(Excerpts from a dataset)
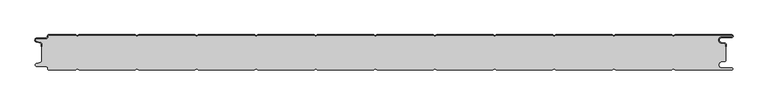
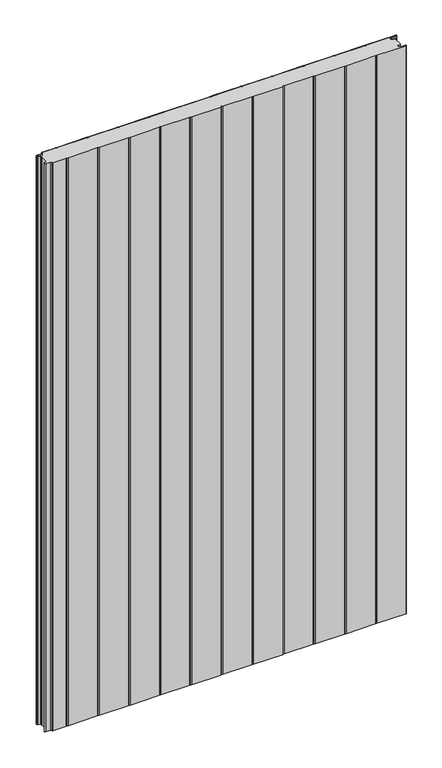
"""IFC4 building model written with IfcOpenShell, lengths in millimetres: plate geometry, PM1_Curtain-Panel_Perfil-Frigorífico : ACH_PM1_Panel-Acústico-Sectorización_60M."""

from ifc_helpers import new_model, si_unit, point, frame, frame_2d, origin, origin_with_axes, place, context, project, spatial, polyline, circle_curve, trimmed, segment, composite_curve, outline, extrude, source, transform, mapped, element, save
from ifc_brep_helpers import plane_surface, cylinder_surface, revolved_surface, advanced_brep


def plate_1f1996e2(model_context):
    return source(origin(), model_context, "Body", "SolidModel", [
        advanced_brep(
        [(-575.0, -15.878557, 1945.7507136), (-575.0, -20.0, 1945.7507136), (-574.2, -20.0, 1945.7507136), (-574.2, -15.878557, 1945.7507136), (-576.370137, -13.1503208, 1945.7507136), (-582.529863, -11.728236, 1945.7507136), (-581.9, -6.2, 1945.7507136), (-566.4, -6.2, 1945.7507136), (-563.6, -3.4, 1945.7507136), (-563.6, -2.0, 1945.7507136), (-562.4, -0.8, 1945.7507136), (-517.3143588, -0.8, 1945.7507136), (-514.4, -2.482606, 1945.7507136), (-511.4856412, -0.8, 1945.7507136), (-417.3143588, -0.8, 1945.7507136), (-414.4, -2.482606, 1945.7507136), (-411.4856412, -0.8, 1945.7507136), (-317.3143588, -0.8, 1945.7507136), (-314.4, -2.482606, 1945.7507136), (-311.4856412, -0.8, 1945.7507136), (-217.3143588, -0.8, 1945.7507136), (-214.4, -2.482606, 1945.7507136), (-211.4856412, -0.8, 1945.7507136), (-117.3143588, -0.8, 1945.7507136), (-114.4, -2.482606, 1945.7507136), (-111.4856412, -0.8, 1945.7507136), (-17.3143588, -0.8, 1945.7507136), (-14.4, -2.482606, 1945.7507136), (-11.4856412, -0.8, 1945.7507136), (82.6856412, -0.8, 1945.7507136), (85.6, -2.482606, 1945.7507136), (88.5143588, -0.8, 1945.7507136), (182.6856412, -0.8, 1945.7507136), (185.6, -2.482606, 1945.7507136), (188.5143588, -0.8, 1945.7507136), (282.6856412, -0.8, 1945.7507136), (285.6, -2.482606, 1945.7507136), (288.5143588, -0.8, 1945.7507136), (382.6856412, -0.8, 1945.7507136), (385.6, -2.482606, 1945.7507136), (388.5143588, -0.8, 1945.7507136), (482.6856412, -0.8, 1945.7507136), (485.6, -2.482606, 1945.7507136), (488.5143588, -0.8, 1945.7507136), (583.1, -0.8, 1945.7507136), (583.1, -4.2, 1945.7507136), (566.1, -4.2, 1945.7507136), (565.2664884, -13.7270771, 1945.7507136), (571.7125669, -14.8636953, 1945.7507136), (573.2, -16.6363492, 1945.7507136), (573.2, -20.0, 1945.7507136), (574.0, -20.0, 1945.7507136), (574.0, -16.6363492, 1945.7507136), (571.8514855, -14.0758491, 1945.7507136), (565.405407, -12.939231, 1945.7507136), (566.1, -5.0, 1945.7507136), (583.1, -5.0, 1945.7507136), (585.6, -2.5, 1945.7507136), (583.1, 0.0, 1945.7507136), (488.2999995, 0.0, 1945.7507136), (485.6, -1.5588455, 1945.7507136), (482.9000005, 0.0, 1945.7507136), (388.2999995, 0.0, 1945.7507136), (385.6, -1.5588455, 1945.7507136), (382.9000005, 0.0, 1945.7507136), (288.2999995, 0.0, 1945.7507136), (285.6, -1.5588455, 1945.7507136), (282.9000005, 0.0, 1945.7507136), (188.2999995, 0.0, 1945.7507136), (185.6, -1.5588455, 1945.7507136), (182.9000005, 0.0, 1945.7507136), (88.2999995, 0.0, 1945.7507136), (85.6, -1.5588455, 1945.7507136), (82.9000005, 0.0, 1945.7507136), (-11.7000005, 0.0, 1945.7507136), (-14.4, -1.5588455, 1945.7507136), (-17.0999995, 0.0, 1945.7507136), (-111.7000005, 0.0, 1945.7507136), (-114.4, -1.5588455, 1945.7507136), (-117.0999995, 0.0, 1945.7507136), (-211.7000005, 0.0, 1945.7507136), (-214.4, -1.5588455, 1945.7507136), (-217.0999995, 0.0, 1945.7507136), (-311.7000005, 0.0, 1945.7507136), (-314.4, -1.5588455, 1945.7507136), (-317.0999995, 0.0, 1945.7507136), (-411.7000005, 0.0, 1945.7507136), (-414.4, -1.5588455, 1945.7507136), (-417.0999995, 0.0, 1945.7507136), (-511.7000005, 0.0, 1945.7507136), (-514.4, -1.5588455, 1945.7507136), (-517.0999995, 0.0, 1945.7507136), (-562.4, 0.0, 1945.7507136), (-564.4, -2.0, 1945.7507136), (-564.4, -3.4, 1945.7507136), (-566.4, -5.4, 1945.7507136), (-581.9, -5.4, 1945.7507136), (-582.7098239, -12.5077322, 1945.7507136), (-576.5500979, -13.929817, 1945.7507136), (-575.0, -15.878557, 0.0), (-576.5500978, -13.9298169, 0.0), (-582.7098239, -12.507732, 0.0), (-581.9, -5.4, 0.0), (-566.4, -5.4, 0.0), (-564.4, -3.4, 0.0), (-564.4, -2.0, 0.0), (-562.4, 0.0, 0.0), (-517.0999995, 0.0, 0.0), (-514.4, -1.5588455, 0.0), (-511.7000005, 0.0, 0.0), (-417.0999995, 0.0, 0.0), (-414.4, -1.5588455, 0.0), (-411.7000005, 0.0, 0.0), (-317.0999995, 0.0, 0.0), (-314.4, -1.5588455, 0.0), (-311.7000005, 0.0, 0.0), (-217.0999995, 0.0, 0.0), (-214.4, -1.5588455, 0.0), (-211.7000005, 0.0, 0.0), (-117.0999995, 0.0, 0.0), (-114.4, -1.5588455, 0.0), (-111.7000005, 0.0, 0.0), (-17.0999995, 0.0, 0.0), (-14.4, -1.5588455, 0.0), (-11.7000005, 0.0, 0.0), (82.9000005, 0.0, 0.0), (85.6, -1.5588455, 0.0), (88.2999995, 0.0, 0.0), (182.9000005, 0.0, 0.0), (185.6, -1.5588455, 0.0), (188.2999995, 0.0, 0.0), (282.9000005, 0.0, 0.0), (285.6, -1.5588455, 0.0), (288.2999995, 0.0, 0.0), (382.9000005, 0.0, 0.0), (385.6, -1.5588455, 0.0), (388.2999995, 0.0, 0.0), (482.9000005, 0.0, 0.0), (485.6, -1.5588455, 0.0), (488.2999995, 0.0, 0.0), (583.1, 0.0, 0.0), (585.6, -2.5, 0.0), (583.1, -5.0, 0.0), (566.1, -5.0, 0.0), (565.405407, -12.939231, 0.0), (571.8514855, -14.0758491, 0.0), (574.0, -16.6363492, 0.0), (574.0, -20.0, 0.0), (573.2, -20.0, 0.0), (573.2, -16.6363492, 0.0), (571.7125669, -14.8636953, 0.0), (565.2664884, -13.7270772, 0.0), (566.1, -4.2, 0.0), (583.1, -4.2, 0.0), (583.1, -0.8, 0.0), (488.5143588, -0.8, 0.0), (485.6, -2.482606, 0.0), (482.6856412, -0.8, 0.0), (388.5143588, -0.8, 0.0), (385.6, -2.482606, 0.0), (382.6856412, -0.8, 0.0), (288.5143588, -0.8, 0.0), (285.6, -2.482606, 0.0), (282.6856412, -0.8, 0.0), (188.5143588, -0.8, 0.0), (185.6, -2.482606, 0.0), (182.6856412, -0.8, 0.0), (88.5143588, -0.8, 0.0), (85.6, -2.482606, 0.0), (82.6856412, -0.8, 0.0), (-11.4856412, -0.8, 0.0), (-14.4, -2.482606, 0.0), (-17.3143588, -0.8, 0.0), (-111.4856412, -0.8, 0.0), (-114.4, -2.482606, 0.0), (-117.3143588, -0.8, 0.0), (-211.4856412, -0.8, 0.0), (-214.4, -2.482606, 0.0), (-217.3143588, -0.8, 0.0), (-311.4856412, -0.8, 0.0), (-314.4, -2.482606, 0.0), (-317.3143588, -0.8, 0.0), (-411.4856412, -0.8, 0.0), (-414.4, -2.482606, 0.0), (-417.3143588, -0.8, 0.0), (-511.4856412, -0.8, 0.0), (-514.4, -2.482606, 0.0), (-517.3143588, -0.8, 0.0), (-562.4, -0.8, 0.0), (-563.6, -2.0, 0.0), (-563.6, -3.4, 0.0), (-566.4, -6.2, 0.0), (-581.9, -6.2, 0.0), (-582.529863, -11.7282362, 0.0), (-576.370137, -13.150321, 0.0), (-574.2, -15.878557, 0.0), (-574.2, -20.0, 0.0), (-575.0, -20.0, 0.0)],
        [
            (0, 1),
            (1, 2),
            (2, 3),
            (3, 4, circle_curve(frame((-577.0, -15.878557, 1945.7507136), z_axis=(0.0, 0.0, 1.0), x_axis=(1.0, 0.0, 0.0)), 2.8)),
            (4, 5),
            (5, 6, circle_curve(frame((-581.9, -9.0, 1945.7507136), z_axis=(0.0, 0.0, -1.0), x_axis=(1.0, 0.0, 0.0)), 2.8)),
            (6, 7),
            (7, 8, circle_curve(frame((-566.4, -3.4, 1945.7507136), z_axis=(0.0, 0.0, 1.0), x_axis=(1.0, 0.0, 0.0)), 2.8)),
            (8, 9),
            (9, 10, circle_curve(frame((-562.4, -2.0, 1945.7507136), z_axis=(0.0, 0.0, -1.0), x_axis=(1.0, 0.0, 0.0)), 1.2)),
            (10, 11),
            (11, 12),
            (12, 13),
            (13, 14),
            (14, 15),
            (15, 16),
            (16, 17),
            (17, 18),
            (18, 19),
            (19, 20),
            (20, 21),
            (21, 22),
            (22, 23),
            (23, 24),
            (24, 25),
            (25, 26),
            (26, 27),
            (27, 28),
            (28, 29),
            (29, 30),
            (30, 31),
            (31, 32),
            (32, 33),
            (33, 34),
            (34, 35),
            (35, 36),
            (36, 37),
            (37, 38),
            (38, 39),
            (39, 40),
            (40, 41),
            (41, 42),
            (42, 43),
            (43, 44),
            (44, 45, circle_curve(frame((583.1, -2.5, 1945.7507136), z_axis=(0.0, 0.0, -1.0), x_axis=(1.0, 0.0, 0.0)), 1.7)),
            (45, 46),
            (46, 47, circle_curve(frame((566.1, -9.0, 1945.7507136), z_axis=(0.0, 0.0, 1.0), x_axis=(1.0, 0.0, 0.0)), 4.8)),
            (47, 48),
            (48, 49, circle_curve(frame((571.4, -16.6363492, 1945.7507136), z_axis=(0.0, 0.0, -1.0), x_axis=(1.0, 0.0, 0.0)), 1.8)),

PROBLEM DESCRIPTION = Filter the records, keeping only lines that contain "origin", and show those lines.

ANSWER =
from ifc_helpers import new_model, si_unit, point, frame, frame_2d, origin, origin_with_axes, place, context, project, spatial, polyline, circle_curve, trimmed, segment, composite_curve, outline, extrude, source, transform, mapped, element, save
    return source(origin(), model_context, "Body", "SolidModel", [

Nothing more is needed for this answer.